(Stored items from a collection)
○ ○ ○ ○ ○ ○ ○
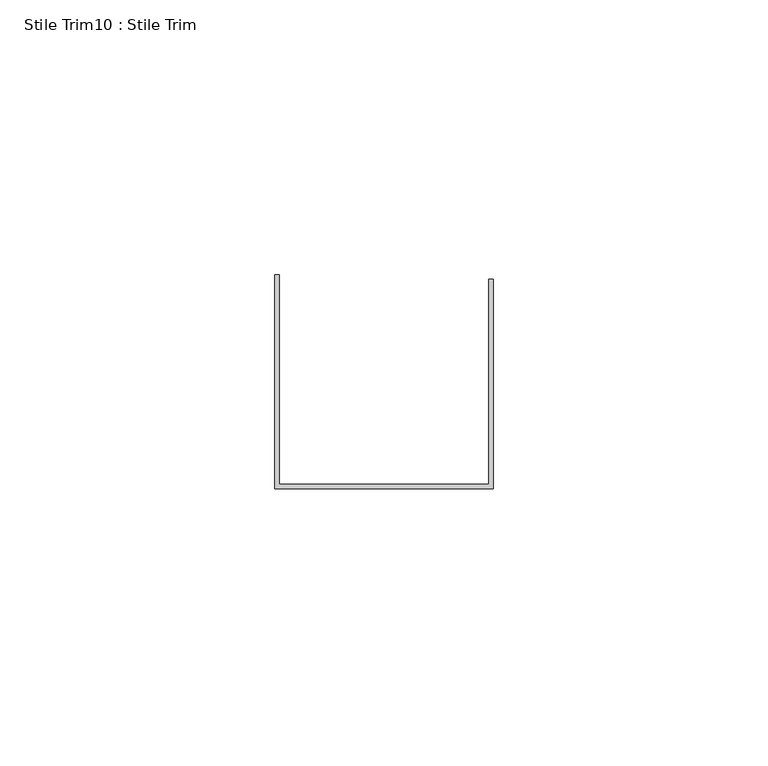
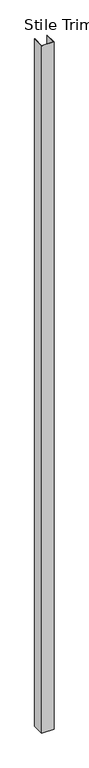
"""IFC4 building model written with IfcOpenShell, lengths in millimetres: proxy geometry, Stile Trim10 : Stile Trim."""

from ifc_helpers import new_model, si_unit, frame, origin, place, context, project, spatial, polyline, outline, extrude, source, transform, mapped, element, save


def stile_trim10_stile_trim_2fa88a95(model_context):
    return source(origin(), model_context, "Body", "SweptSolid", [
        extrude(outline(polyline([(587327.0060739, -535202.3537841), (587327.0060739, -535163.4663841), (587327.7934739, -535163.4663841), (587327.7934739, -535201.5663841), (587365.8934739, -535201.5663841), (587365.8934739, -535164.2537841), (587366.6808739, -535164.2537841), (587366.6808739, -535202.3537841), (587327.0060739, -535202.3537841)])), frame((0.0, 0.0, 50.8), z_axis=(0.0, 0.0, 1.0), x_axis=(1.0, 0.0, 0.0)), (0.0, 0.0, 1.0), 2350.3929688),
    ])


if __name__ == "__main__":
    model = new_model("IFC4")
    model_context = context("Model", 3, world=origin())
    ifc_project = project(units=[si_unit("LENGTHUNIT", "METRE", prefix="MILLI")], contexts=[model_context])
    site = spatial("IfcSite", under=ifc_project)
    building = spatial("IfcBuilding", under=site)
    placement = place(None, origin())
    stile_trim10_stile_trim_shape = stile_trim10_stile_trim_2fa88a95(model_context)
    element("IfcBuildingElementProxy", 1, Name="Stile Trim10 : Stile Trim", ObjectType="Stile Trim10 : Stile Trim", at=placement, inside=building, context=model_context, shape_type="MappedRepresentation", body=[
        mapped(stile_trim10_stile_trim_shape, transform((0.0, 0.0, 0.0), x_axis=(1.0, 0.0, 0.0), y_axis=(0.0, 1.0, 0.0), z_axis=(0.0, 0.0, 1.0))),
    ])
    save(model, "model.ifc")

# Revit data of these elements
# Element 1 (IfcBuildingElementProxy, "Stile Trim10 : Stile Trim")
#   Materials on its faces: "EDGE TRIM BY MTL PANEL MFR."
# Materials
#   "EDGE TRIM BY MTL PANEL MFR.": class "Generic", colour RGB 239 242 240, transparency 0, Cost = 0
○ ○ ○ ○ ○ ○ ○
• _Required work_
Above are the entries; write them out again exactly, omitting the pictures.

• _Task output_
"""IFC4 building model written with IfcOpenShell, lengths in millimetres: proxy geometry, Stile Trim10 : Stile Trim."""

from ifc_helpers import new_model, si_unit, frame, origin, place, context, project, spatial, polyline, outline, extrude, source, transform, mapped, element, save


def stile_trim10_stile_trim_2fa88a95(model_context):
    return source(origin(), model_context, "Body", "SweptSolid", [
        extrude(outline(polyline([(587327.0060739, -535202.3537841), (587327.0060739, -535163.4663841), (587327.7934739, -535163.4663841), (587327.7934739, -535201.5663841), (587365.8934739, -535201.5663841), (587365.8934739, -535164.2537841), (587366.6808739, -535164.2537841), (587366.6808739, -535202.3537841), (587327.0060739, -535202.3537841)])), frame((0.0, 0.0, 50.8), z_axis=(0.0, 0.0, 1.0), x_axis=(1.0, 0.0, 0.0)), (0.0, 0.0, 1.0), 2350.3929688),
    ])


if __name__ == "__main__":
    model = new_model("IFC4")
    model_context = context("Model", 3, world=origin())
    ifc_project = project(units=[si_unit("LENGTHUNIT", "METRE", prefix="MILLI")], contexts=[model_context])
    site = spatial("IfcSite", under=ifc_project)
    building = spatial("IfcBuilding", under=site)
    placement = place(None, origin())
    stile_trim10_stile_trim_shape = stile_trim10_stile_trim_2fa88a95(model_context)
    element("IfcBuildingElementProxy", 1, Name="Stile Trim10 : Stile Trim", ObjectType="Stile Trim10 : Stile Trim", at=placement, inside=building, context=model_context, shape_type="MappedRepresentation", body=[
        mapped(stile_trim10_stile_trim_shape, transform((0.0, 0.0, 0.0), x_axis=(1.0, 0.0, 0.0), y_axis=(0.0, 1.0, 0.0), z_axis=(0.0, 0.0, 1.0))),
    ])
    save(model, "model.ifc")

# Revit data of these elements
# Element 1 (IfcBuildingElementProxy, "Stile Trim10 : Stile Trim")
#   Materials on its faces: "EDGE TRIM BY MTL PANEL MFR."
# Materials
#   "EDGE TRIM BY MTL PANEL MFR.": class "Generic", colour RGB 239 242 240, transparency 0, Cost = 0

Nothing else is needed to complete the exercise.